=== Problem statement ===
Every line of the records below from the line with "AIN2: U1.8(PA07/AIN7/AIN3/TCC1-1/TCC3-5/SER0-3) U2.2(IN2)" up to and including the line with "BOUT2: U4.8(OUT2)" must be reproduced exactly, and no line outside that range.

----- Record excerpts -----

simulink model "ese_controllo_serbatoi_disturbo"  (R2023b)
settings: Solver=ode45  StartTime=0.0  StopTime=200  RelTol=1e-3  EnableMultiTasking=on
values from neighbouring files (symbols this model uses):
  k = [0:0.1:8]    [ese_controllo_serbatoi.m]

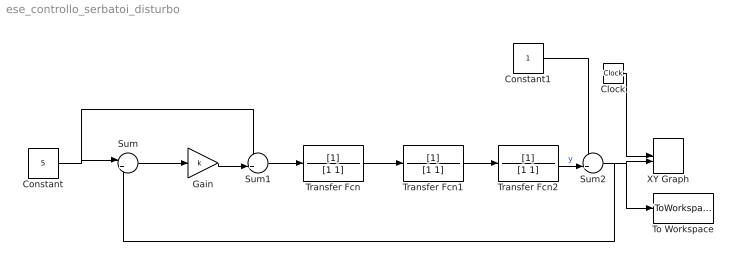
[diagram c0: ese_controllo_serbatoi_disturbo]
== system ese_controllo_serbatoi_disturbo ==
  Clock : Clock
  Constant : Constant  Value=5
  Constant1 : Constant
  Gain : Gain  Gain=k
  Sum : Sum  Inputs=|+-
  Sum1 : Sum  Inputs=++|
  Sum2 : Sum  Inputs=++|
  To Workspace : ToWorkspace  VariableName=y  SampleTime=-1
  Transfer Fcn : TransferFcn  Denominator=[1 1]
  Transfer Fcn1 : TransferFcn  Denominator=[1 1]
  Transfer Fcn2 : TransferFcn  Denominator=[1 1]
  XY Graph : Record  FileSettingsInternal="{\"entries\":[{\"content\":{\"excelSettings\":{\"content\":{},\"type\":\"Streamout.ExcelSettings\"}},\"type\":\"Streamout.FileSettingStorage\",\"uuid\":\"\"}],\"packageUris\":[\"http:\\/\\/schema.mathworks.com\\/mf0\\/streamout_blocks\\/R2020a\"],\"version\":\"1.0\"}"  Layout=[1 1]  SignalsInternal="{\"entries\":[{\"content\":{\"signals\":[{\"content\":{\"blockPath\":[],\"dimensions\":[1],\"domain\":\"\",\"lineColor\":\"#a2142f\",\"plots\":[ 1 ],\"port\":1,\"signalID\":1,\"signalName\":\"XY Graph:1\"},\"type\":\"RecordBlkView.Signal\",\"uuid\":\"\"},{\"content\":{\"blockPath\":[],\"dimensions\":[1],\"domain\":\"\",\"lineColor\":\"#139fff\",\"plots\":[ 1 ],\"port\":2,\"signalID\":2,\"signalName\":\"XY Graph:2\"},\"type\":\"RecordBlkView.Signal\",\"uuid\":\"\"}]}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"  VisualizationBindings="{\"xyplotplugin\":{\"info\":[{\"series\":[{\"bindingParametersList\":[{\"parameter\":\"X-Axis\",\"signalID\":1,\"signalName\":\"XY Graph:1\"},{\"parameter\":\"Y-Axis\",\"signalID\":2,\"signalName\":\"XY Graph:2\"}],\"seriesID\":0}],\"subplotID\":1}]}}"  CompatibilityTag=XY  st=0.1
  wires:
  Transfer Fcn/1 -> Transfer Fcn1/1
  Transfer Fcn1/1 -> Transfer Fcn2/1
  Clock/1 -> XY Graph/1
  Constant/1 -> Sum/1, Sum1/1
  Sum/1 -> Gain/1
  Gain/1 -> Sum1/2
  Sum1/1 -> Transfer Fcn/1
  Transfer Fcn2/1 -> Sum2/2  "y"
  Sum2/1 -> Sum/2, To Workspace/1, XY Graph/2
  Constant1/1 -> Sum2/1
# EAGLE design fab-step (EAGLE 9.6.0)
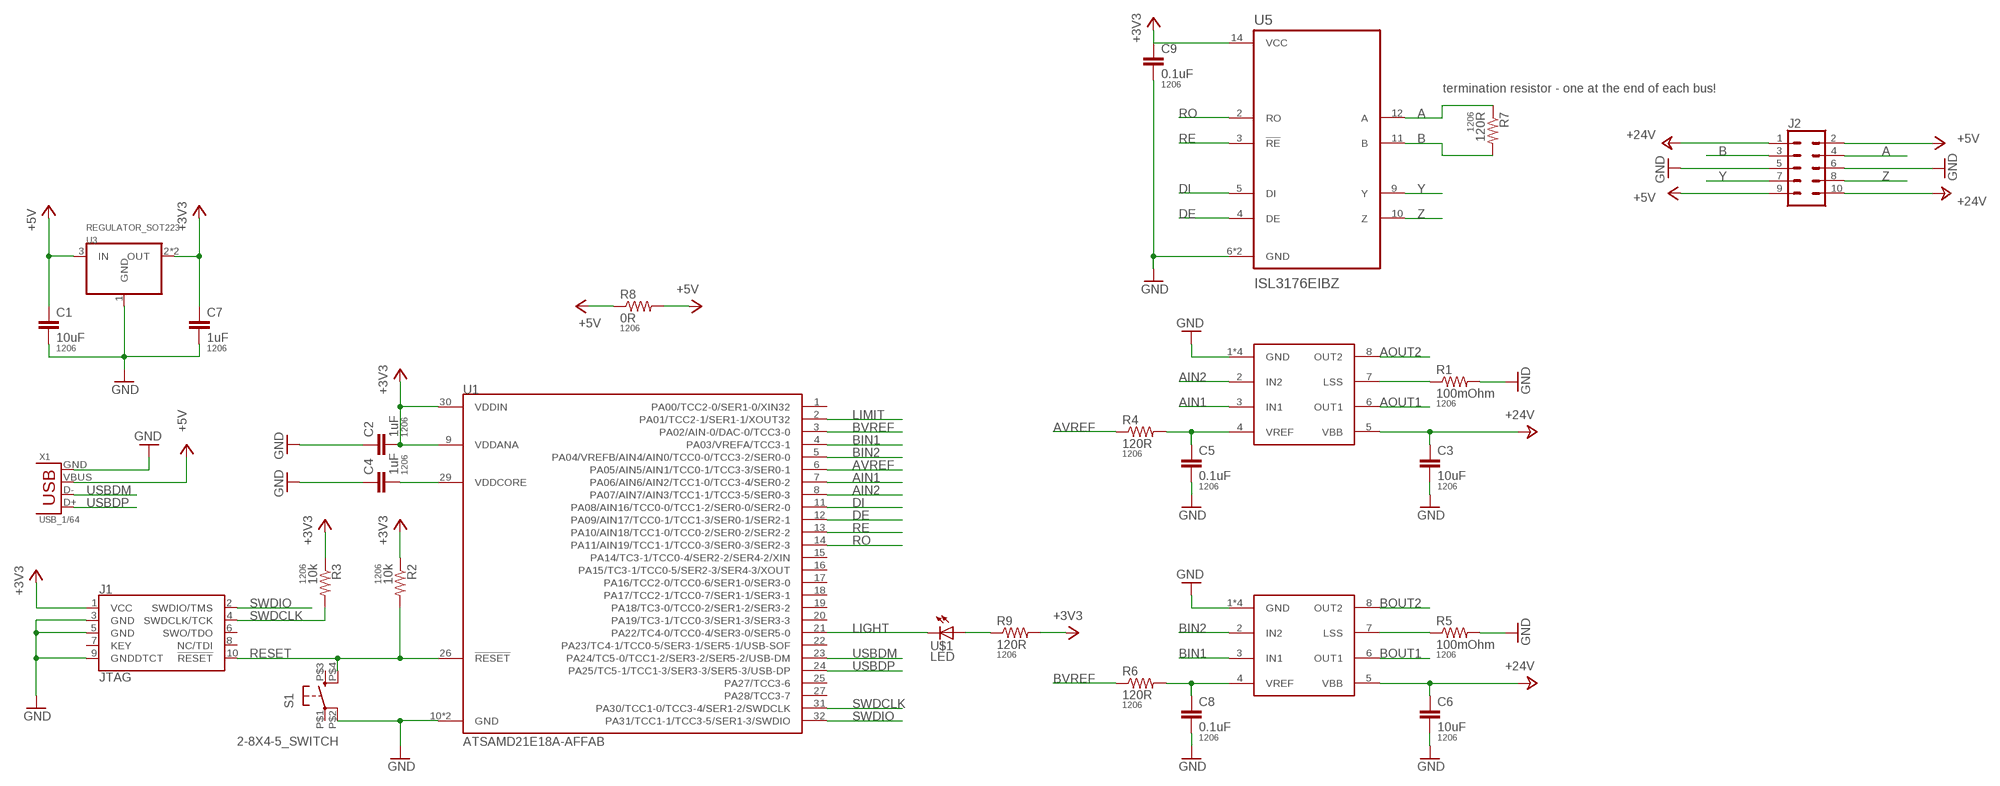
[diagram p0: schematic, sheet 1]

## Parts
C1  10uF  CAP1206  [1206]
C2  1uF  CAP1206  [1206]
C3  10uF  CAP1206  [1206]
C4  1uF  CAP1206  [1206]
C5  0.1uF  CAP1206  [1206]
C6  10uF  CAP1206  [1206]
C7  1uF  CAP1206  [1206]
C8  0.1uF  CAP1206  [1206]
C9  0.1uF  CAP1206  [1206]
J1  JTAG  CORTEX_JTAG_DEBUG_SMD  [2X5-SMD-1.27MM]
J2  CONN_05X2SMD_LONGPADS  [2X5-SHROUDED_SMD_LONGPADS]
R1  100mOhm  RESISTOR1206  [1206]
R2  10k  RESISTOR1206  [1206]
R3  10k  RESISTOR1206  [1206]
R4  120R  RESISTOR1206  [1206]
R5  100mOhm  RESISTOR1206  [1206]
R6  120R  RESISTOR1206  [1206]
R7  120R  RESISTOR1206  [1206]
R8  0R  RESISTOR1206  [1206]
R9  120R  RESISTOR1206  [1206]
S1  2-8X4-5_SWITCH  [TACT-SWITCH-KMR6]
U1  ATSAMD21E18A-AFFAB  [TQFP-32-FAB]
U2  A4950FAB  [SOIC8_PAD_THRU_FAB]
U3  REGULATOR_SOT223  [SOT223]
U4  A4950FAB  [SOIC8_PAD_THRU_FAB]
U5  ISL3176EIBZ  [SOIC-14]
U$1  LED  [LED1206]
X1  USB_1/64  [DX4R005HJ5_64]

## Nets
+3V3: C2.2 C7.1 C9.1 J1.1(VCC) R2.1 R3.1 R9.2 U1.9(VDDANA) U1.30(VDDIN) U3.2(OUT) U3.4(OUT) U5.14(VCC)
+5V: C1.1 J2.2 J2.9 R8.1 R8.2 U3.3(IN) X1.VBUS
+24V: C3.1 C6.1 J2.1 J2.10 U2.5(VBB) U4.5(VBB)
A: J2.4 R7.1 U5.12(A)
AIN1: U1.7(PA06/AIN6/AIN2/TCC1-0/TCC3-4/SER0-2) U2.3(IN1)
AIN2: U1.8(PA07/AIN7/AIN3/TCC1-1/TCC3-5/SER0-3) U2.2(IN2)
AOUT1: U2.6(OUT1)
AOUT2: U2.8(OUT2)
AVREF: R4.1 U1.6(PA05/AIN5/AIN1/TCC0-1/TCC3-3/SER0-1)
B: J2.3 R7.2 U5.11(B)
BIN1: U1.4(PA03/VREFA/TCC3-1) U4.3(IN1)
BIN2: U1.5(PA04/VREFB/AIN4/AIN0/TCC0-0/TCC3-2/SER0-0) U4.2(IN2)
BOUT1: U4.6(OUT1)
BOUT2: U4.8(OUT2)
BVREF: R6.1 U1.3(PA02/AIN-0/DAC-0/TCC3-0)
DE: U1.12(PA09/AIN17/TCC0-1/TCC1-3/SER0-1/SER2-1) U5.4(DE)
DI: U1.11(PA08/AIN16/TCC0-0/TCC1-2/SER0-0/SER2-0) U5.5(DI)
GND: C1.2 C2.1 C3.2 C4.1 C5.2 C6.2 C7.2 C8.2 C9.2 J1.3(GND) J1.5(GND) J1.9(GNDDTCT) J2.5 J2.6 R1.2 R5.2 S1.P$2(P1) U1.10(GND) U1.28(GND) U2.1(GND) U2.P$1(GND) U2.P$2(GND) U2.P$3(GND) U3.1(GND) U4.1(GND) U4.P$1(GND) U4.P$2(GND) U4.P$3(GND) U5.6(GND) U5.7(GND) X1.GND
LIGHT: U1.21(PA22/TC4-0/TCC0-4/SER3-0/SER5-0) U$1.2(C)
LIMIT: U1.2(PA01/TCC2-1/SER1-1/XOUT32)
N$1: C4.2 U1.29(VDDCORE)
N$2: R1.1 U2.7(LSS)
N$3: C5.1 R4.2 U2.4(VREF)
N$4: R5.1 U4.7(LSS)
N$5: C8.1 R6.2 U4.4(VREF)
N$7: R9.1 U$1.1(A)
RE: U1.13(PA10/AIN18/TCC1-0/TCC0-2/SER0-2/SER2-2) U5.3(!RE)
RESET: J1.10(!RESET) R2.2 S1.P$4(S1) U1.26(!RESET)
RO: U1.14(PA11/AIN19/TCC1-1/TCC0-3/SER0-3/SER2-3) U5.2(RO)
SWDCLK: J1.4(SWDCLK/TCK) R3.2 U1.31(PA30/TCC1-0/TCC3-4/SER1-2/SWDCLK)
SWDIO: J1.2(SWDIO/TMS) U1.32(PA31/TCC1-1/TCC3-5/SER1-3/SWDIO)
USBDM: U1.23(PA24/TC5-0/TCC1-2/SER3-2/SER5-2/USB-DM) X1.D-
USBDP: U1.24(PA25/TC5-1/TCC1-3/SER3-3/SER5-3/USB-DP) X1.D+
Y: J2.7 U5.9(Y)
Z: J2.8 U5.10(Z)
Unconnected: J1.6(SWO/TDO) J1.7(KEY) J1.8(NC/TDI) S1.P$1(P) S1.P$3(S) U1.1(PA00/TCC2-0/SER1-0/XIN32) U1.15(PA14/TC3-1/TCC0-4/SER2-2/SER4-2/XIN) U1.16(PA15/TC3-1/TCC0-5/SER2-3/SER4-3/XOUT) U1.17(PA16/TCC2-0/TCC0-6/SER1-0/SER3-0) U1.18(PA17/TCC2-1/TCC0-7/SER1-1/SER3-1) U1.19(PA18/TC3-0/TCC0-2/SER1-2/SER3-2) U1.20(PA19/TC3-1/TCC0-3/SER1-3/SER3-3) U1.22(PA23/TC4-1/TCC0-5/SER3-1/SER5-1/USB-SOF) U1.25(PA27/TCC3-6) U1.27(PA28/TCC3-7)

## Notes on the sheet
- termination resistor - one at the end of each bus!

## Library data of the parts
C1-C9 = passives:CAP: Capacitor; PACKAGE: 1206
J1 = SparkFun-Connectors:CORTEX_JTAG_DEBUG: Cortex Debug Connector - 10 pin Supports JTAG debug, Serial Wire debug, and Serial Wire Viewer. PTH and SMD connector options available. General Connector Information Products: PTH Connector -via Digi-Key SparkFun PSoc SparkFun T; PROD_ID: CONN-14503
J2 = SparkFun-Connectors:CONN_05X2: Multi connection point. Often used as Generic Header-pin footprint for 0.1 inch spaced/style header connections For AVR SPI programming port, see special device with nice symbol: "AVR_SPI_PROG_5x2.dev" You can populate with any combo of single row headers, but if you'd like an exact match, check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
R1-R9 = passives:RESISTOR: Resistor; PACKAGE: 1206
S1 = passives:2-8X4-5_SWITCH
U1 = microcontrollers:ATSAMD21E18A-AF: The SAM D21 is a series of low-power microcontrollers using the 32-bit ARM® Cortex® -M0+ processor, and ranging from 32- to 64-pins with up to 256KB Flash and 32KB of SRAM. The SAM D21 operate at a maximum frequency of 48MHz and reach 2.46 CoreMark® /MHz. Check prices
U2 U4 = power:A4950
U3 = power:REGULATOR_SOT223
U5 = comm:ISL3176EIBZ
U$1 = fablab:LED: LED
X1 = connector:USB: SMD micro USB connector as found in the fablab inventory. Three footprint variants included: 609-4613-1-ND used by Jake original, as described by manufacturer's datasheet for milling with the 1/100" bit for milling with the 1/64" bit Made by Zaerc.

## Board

-----

=== Answer area ===
AIN2: U1.8(PA07/AIN7/AIN3/TCC1-1/TCC3-5/SER0-3) U2.2(IN2)
AOUT1: U2.6(OUT1)
AOUT2: U2.8(OUT2)
AVREF: R4.1 U1.6(PA05/AIN5/AIN1/TCC0-1/TCC3-3/SER0-1)
B: J2.3 R7.2 U5.11(B)
BIN1: U1.4(PA03/VREFA/TCC3-1) U4.3(IN1)
BIN2: U1.5(PA04/VREFB/AIN4/AIN0/TCC0-0/TCC3-2/SER0-0) U4.2(IN2)
BOUT1: U4.6(OUT1)
BOUT2: U4.8(OUT2)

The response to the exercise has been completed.